TO DO: You are to retype all of the data exactly as it appears.

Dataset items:
§ §
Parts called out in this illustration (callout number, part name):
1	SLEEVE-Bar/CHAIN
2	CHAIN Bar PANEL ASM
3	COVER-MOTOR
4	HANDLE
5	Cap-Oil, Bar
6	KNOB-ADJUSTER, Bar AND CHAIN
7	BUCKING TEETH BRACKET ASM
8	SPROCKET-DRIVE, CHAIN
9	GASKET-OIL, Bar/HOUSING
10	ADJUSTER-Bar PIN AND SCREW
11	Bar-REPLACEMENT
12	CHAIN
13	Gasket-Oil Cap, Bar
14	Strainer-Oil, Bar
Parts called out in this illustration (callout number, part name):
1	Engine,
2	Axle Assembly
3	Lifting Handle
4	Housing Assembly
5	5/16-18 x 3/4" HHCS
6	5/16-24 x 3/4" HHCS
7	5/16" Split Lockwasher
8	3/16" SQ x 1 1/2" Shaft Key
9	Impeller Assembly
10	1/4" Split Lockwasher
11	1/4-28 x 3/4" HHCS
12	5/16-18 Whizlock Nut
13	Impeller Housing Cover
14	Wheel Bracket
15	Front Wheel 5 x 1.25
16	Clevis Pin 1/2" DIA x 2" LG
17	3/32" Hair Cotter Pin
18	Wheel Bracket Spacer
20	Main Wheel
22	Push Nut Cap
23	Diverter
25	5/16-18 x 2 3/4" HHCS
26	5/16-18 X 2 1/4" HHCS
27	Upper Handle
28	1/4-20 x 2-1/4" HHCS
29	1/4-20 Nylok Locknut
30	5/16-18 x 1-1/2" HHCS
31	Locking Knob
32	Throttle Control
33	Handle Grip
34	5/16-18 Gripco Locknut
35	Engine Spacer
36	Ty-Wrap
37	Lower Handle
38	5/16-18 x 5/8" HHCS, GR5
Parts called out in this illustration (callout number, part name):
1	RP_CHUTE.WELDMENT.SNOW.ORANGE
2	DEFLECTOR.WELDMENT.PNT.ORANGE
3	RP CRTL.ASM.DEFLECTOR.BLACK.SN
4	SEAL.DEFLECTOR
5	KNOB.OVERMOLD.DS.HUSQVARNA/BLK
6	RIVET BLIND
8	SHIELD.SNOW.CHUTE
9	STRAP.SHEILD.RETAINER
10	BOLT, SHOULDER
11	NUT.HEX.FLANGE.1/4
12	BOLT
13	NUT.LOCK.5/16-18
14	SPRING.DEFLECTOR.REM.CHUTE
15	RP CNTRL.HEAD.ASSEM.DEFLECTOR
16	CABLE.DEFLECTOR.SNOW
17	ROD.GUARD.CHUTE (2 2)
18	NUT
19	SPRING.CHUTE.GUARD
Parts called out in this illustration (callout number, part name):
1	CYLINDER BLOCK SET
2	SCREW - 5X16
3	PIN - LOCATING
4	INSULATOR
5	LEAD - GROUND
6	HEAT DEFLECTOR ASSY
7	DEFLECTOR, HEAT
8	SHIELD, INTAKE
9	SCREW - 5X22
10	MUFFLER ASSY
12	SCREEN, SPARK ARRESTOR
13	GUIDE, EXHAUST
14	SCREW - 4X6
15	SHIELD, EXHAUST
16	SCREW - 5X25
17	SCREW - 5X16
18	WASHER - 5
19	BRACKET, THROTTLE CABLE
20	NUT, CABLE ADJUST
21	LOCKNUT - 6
§ §
SOLUTION TO THIS TASK:
Parts called out in this illustration (callout number, part name):
1	SLEEVE-Bar/CHAIN
2	CHAIN Bar PANEL ASM
3	COVER-MOTOR
4	HANDLE
5	Cap-Oil, Bar
6	KNOB-ADJUSTER, Bar AND CHAIN
7	BUCKING TEETH BRACKET ASM
8	SPROCKET-DRIVE, CHAIN
9	GASKET-OIL, Bar/HOUSING
10	ADJUSTER-Bar PIN AND SCREW
11	Bar-REPLACEMENT
12	CHAIN
13	Gasket-Oil Cap, Bar
14	Strainer-Oil, Bar
Parts called out in this illustration (callout number, part name):
1	Engine,
2	Axle Assembly
3	Lifting Handle
4	Housing Assembly
5	5/16-18 x 3/4" HHCS
6	5/16-24 x 3/4" HHCS
7	5/16" Split Lockwasher
8	3/16" SQ x 1 1/2" Shaft Key
9	Impeller Assembly
10	1/4" Split Lockwasher
11	1/4-28 x 3/4" HHCS
12	5/16-18 Whizlock Nut
13	Impeller Housing Cover
14	Wheel Bracket
15	Front Wheel 5 x 1.25
16	Clevis Pin 1/2" DIA x 2" LG
17	3/32" Hair Cotter Pin
18	Wheel Bracket Spacer
20	Main Wheel
22	Push Nut Cap
23	Diverter
25	5/16-18 x 2 3/4" HHCS
26	5/16-18 X 2 1/4" HHCS
27	Upper Handle
28	1/4-20 x 2-1/4" HHCS
29	1/4-20 Nylok Locknut
30	5/16-18 x 1-1/2" HHCS
31	Locking Knob
32	Throttle Control
33	Handle Grip
34	5/16-18 Gripco Locknut
35	Engine Spacer
36	Ty-Wrap
37	Lower Handle
38	5/16-18 x 5/8" HHCS, GR5
Parts called out in this illustration (callout number, part name):
1	RP_CHUTE.WELDMENT.SNOW.ORANGE
2	DEFLECTOR.WELDMENT.PNT.ORANGE
3	RP CRTL.ASM.DEFLECTOR.BLACK.SN
4	SEAL.DEFLECTOR
5	KNOB.OVERMOLD.DS.HUSQVARNA/BLK
6	RIVET BLIND
8	SHIELD.SNOW.CHUTE
9	STRAP.SHEILD.RETAINER
10	BOLT, SHOULDER
11	NUT.HEX.FLANGE.1/4
12	BOLT
13	NUT.LOCK.5/16-18
14	SPRING.DEFLECTOR.REM.CHUTE
15	RP CNTRL.HEAD.ASSEM.DEFLECTOR
16	CABLE.DEFLECTOR.SNOW
17	ROD.GUARD.CHUTE (2 2)
18	NUT
19	SPRING.CHUTE.GUARD
Parts called out in this illustration (callout number, part name):
1	CYLINDER BLOCK SET
2	SCREW - 5X16
3	PIN - LOCATING
4	INSULATOR
5	LEAD - GROUND
6	HEAT DEFLECTOR ASSY
7	DEFLECTOR, HEAT
8	SHIELD, INTAKE
9	SCREW - 5X22
10	MUFFLER ASSY
12	SCREEN, SPARK ARRESTOR
13	GUIDE, EXHAUST
14	SCREW - 4X6
15	SHIELD, EXHAUST
16	SCREW - 5X25
17	SCREW - 5X16
18	WASHER - 5
19	BRACKET, THROTTLE CABLE
20	NUT, CABLE ADJUST
21	LOCKNUT - 6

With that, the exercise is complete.